▸ Records for processing:
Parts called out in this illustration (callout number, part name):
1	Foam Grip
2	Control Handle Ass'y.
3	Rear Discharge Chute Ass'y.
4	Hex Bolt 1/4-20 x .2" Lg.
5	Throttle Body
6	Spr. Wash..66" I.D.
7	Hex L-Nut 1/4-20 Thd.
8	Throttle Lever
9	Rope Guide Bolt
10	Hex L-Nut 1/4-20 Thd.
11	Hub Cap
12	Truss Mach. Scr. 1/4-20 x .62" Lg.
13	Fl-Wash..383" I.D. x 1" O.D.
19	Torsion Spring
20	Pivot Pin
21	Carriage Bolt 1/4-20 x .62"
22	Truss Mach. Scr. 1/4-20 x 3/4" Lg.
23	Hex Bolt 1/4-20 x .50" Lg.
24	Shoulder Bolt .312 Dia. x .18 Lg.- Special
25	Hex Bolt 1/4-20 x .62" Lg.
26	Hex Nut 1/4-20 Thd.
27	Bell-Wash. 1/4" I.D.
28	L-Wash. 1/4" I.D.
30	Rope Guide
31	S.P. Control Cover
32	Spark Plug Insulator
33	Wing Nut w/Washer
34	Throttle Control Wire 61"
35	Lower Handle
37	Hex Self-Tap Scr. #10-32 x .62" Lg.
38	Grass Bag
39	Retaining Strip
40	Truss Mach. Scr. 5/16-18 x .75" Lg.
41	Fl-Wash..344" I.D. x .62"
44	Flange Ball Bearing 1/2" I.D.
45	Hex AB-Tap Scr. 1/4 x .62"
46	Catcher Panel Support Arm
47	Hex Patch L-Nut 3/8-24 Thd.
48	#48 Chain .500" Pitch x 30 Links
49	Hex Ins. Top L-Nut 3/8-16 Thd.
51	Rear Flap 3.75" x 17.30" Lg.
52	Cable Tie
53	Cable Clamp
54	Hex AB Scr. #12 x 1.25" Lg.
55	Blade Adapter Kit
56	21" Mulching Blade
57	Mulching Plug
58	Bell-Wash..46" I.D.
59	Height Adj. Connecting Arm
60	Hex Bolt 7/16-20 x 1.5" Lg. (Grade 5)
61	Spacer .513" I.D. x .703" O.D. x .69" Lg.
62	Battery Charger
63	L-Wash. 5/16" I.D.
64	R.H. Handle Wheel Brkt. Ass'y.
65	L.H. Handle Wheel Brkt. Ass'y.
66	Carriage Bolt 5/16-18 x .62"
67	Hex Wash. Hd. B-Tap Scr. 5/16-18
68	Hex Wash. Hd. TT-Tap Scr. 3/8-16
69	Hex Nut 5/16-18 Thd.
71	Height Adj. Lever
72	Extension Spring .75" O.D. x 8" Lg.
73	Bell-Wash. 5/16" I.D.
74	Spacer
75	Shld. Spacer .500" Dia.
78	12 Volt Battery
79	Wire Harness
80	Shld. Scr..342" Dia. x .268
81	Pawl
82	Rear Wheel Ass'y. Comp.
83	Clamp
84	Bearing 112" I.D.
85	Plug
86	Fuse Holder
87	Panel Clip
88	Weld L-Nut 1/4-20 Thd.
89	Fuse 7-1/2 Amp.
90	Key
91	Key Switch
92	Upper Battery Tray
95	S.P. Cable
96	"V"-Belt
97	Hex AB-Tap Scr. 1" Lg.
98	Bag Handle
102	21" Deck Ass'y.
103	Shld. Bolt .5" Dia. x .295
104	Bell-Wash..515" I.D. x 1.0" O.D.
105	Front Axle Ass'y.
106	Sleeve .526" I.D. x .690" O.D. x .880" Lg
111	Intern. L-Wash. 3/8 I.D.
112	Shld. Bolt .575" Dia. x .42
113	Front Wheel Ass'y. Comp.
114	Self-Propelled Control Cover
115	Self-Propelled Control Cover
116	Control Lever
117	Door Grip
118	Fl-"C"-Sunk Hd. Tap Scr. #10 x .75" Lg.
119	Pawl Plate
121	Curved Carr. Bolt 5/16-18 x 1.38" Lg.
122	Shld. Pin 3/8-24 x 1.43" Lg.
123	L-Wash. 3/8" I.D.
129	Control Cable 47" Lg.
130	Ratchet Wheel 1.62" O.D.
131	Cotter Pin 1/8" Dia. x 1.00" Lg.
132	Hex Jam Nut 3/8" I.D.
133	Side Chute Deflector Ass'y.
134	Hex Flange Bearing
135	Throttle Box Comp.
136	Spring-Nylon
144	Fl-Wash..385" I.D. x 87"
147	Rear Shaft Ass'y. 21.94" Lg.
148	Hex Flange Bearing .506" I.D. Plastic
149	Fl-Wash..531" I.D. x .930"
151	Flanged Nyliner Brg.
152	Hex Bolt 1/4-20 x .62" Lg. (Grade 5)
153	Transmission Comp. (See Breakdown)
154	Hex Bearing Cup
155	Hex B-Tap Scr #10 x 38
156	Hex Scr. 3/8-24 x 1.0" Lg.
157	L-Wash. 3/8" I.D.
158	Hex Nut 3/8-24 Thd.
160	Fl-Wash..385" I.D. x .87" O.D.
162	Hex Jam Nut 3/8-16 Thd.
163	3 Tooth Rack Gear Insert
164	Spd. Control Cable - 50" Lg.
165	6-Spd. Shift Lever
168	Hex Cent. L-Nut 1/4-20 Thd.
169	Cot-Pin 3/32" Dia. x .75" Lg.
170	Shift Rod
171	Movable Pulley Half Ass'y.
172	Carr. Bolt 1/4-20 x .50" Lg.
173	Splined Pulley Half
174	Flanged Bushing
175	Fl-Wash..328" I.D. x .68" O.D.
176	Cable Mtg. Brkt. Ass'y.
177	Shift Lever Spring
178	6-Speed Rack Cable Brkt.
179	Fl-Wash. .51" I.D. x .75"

▸ What the task asks: Every record must be given again exactly as it was written.

▸ Reply to the task:
Parts called out in this illustration (callout number, part name):
1	Foam Grip
2	Control Handle Ass'y.
3	Rear Discharge Chute Ass'y.
4	Hex Bolt 1/4-20 x .2" Lg.
5	Throttle Body
6	Spr. Wash..66" I.D.
7	Hex L-Nut 1/4-20 Thd.
8	Throttle Lever
9	Rope Guide Bolt
10	Hex L-Nut 1/4-20 Thd.
11	Hub Cap
12	Truss Mach. Scr. 1/4-20 x .62" Lg.
13	Fl-Wash..383" I.D. x 1" O.D.
19	Torsion Spring
20	Pivot Pin
21	Carriage Bolt 1/4-20 x .62"
22	Truss Mach. Scr. 1/4-20 x 3/4" Lg.
23	Hex Bolt 1/4-20 x .50" Lg.
24	Shoulder Bolt .312 Dia. x .18 Lg.- Special
25	Hex Bolt 1/4-20 x .62" Lg.
26	Hex Nut 1/4-20 Thd.
27	Bell-Wash. 1/4" I.D.
28	L-Wash. 1/4" I.D.
30	Rope Guide
31	S.P. Control Cover
32	Spark Plug Insulator
33	Wing Nut w/Washer
34	Throttle Control Wire 61"
35	Lower Handle
37	Hex Self-Tap Scr. #10-32 x .62" Lg.
38	Grass Bag
39	Retaining Strip
40	Truss Mach. Scr. 5/16-18 x .75" Lg.
41	Fl-Wash..344" I.D. x .62"
44	Flange Ball Bearing 1/2" I.D.
45	Hex AB-Tap Scr. 1/4 x .62"
46	Catcher Panel Support Arm
47	Hex Patch L-Nut 3/8-24 Thd.
48	#48 Chain .500" Pitch x 30 Links
49	Hex Ins. Top L-Nut 3/8-16 Thd.
51	Rear Flap 3.75" x 17.30" Lg.
52	Cable Tie
53	Cable Clamp
54	Hex AB Scr. #12 x 1.25" Lg.
55	Blade Adapter Kit
56	21" Mulching Blade
57	Mulching Plug
58	Bell-Wash..46" I.D.
59	Height Adj. Connecting Arm
60	Hex Bolt 7/16-20 x 1.5" Lg. (Grade 5)
61	Spacer .513" I.D. x .703" O.D. x .69" Lg.
62	Battery Charger
63	L-Wash. 5/16" I.D.
64	R.H. Handle Wheel Brkt. Ass'y.
65	L.H. Handle Wheel Brkt. Ass'y.
66	Carriage Bolt 5/16-18 x .62"
67	Hex Wash. Hd. B-Tap Scr. 5/16-18
68	Hex Wash. Hd. TT-Tap Scr. 3/8-16
69	Hex Nut 5/16-18 Thd.
71	Height Adj. Lever
72	Extension Spring .75" O.D. x 8" Lg.
73	Bell-Wash. 5/16" I.D.
74	Spacer
75	Shld. Spacer .500" Dia.
78	12 Volt Battery
79	Wire Harness
80	Shld. Scr..342" Dia. x .268
81	Pawl
82	Rear Wheel Ass'y. Comp.
83	Clamp
84	Bearing 112" I.D.
85	Plug
86	Fuse Holder
87	Panel Clip
88	Weld L-Nut 1/4-20 Thd.
89	Fuse 7-1/2 Amp.
90	Key
91	Key Switch
92	Upper Battery Tray
95	S.P. Cable
96	"V"-Belt
97	Hex AB-Tap Scr. 1" Lg.
98	Bag Handle
102	21" Deck Ass'y.
103	Shld. Bolt .5" Dia. x .295
104	Bell-Wash..515" I.D. x 1.0" O.D.
105	Front Axle Ass'y.
106	Sleeve .526" I.D. x .690" O.D. x .880" Lg
111	Intern. L-Wash. 3/8 I.D.
112	Shld. Bolt .575" Dia. x .42
113	Front Wheel Ass'y. Comp.
114	Self-Propelled Control Cover
115	Self-Propelled Control Cover
116	Control Lever
117	Door Grip
118	Fl-"C"-Sunk Hd. Tap Scr. #10 x .75" Lg.
119	Pawl Plate
121	Curved Carr. Bolt 5/16-18 x 1.38" Lg.
122	Shld. Pin 3/8-24 x 1.43" Lg.
123	L-Wash. 3/8" I.D.
129	Control Cable 47" Lg.
130	Ratchet Wheel 1.62" O.D.
131	Cotter Pin 1/8" Dia. x 1.00" Lg.
132	Hex Jam Nut 3/8" I.D.
133	Side Chute Deflector Ass'y.
134	Hex Flange Bearing
135	Throttle Box Comp.
136	Spring-Nylon
144	Fl-Wash..385" I.D. x 87"
147	Rear Shaft Ass'y. 21.94" Lg.
148	Hex Flange Bearing .506" I.D. Plastic
149	Fl-Wash..531" I.D. x .930"
151	Flanged Nyliner Brg.
152	Hex Bolt 1/4-20 x .62" Lg. (Grade 5)
153	Transmission Comp. (See Breakdown)
154	Hex Bearing Cup
155	Hex B-Tap Scr #10 x 38
156	Hex Scr. 3/8-24 x 1.0" Lg.
157	L-Wash. 3/8" I.D.
158	Hex Nut 3/8-24 Thd.
160	Fl-Wash..385" I.D. x .87" O.D.
162	Hex Jam Nut 3/8-16 Thd.
163	3 Tooth Rack Gear Insert
164	Spd. Control Cable - 50" Lg.
165	6-Spd. Shift Lever
168	Hex Cent. L-Nut 1/4-20 Thd.
169	Cot-Pin 3/32" Dia. x .75" Lg.
170	Shift Rod
171	Movable Pulley Half Ass'y.
172	Carr. Bolt 1/4-20 x .50" Lg.
173	Splined Pulley Half
174	Flanged Bushing
175	Fl-Wash..328" I.D. x .68" O.D.
176	Cable Mtg. Brkt. Ass'y.
177	Shift Lever Spring
178	6-Speed Rack Cable Brkt.
179	Fl-Wash. .51" I.D. x .75"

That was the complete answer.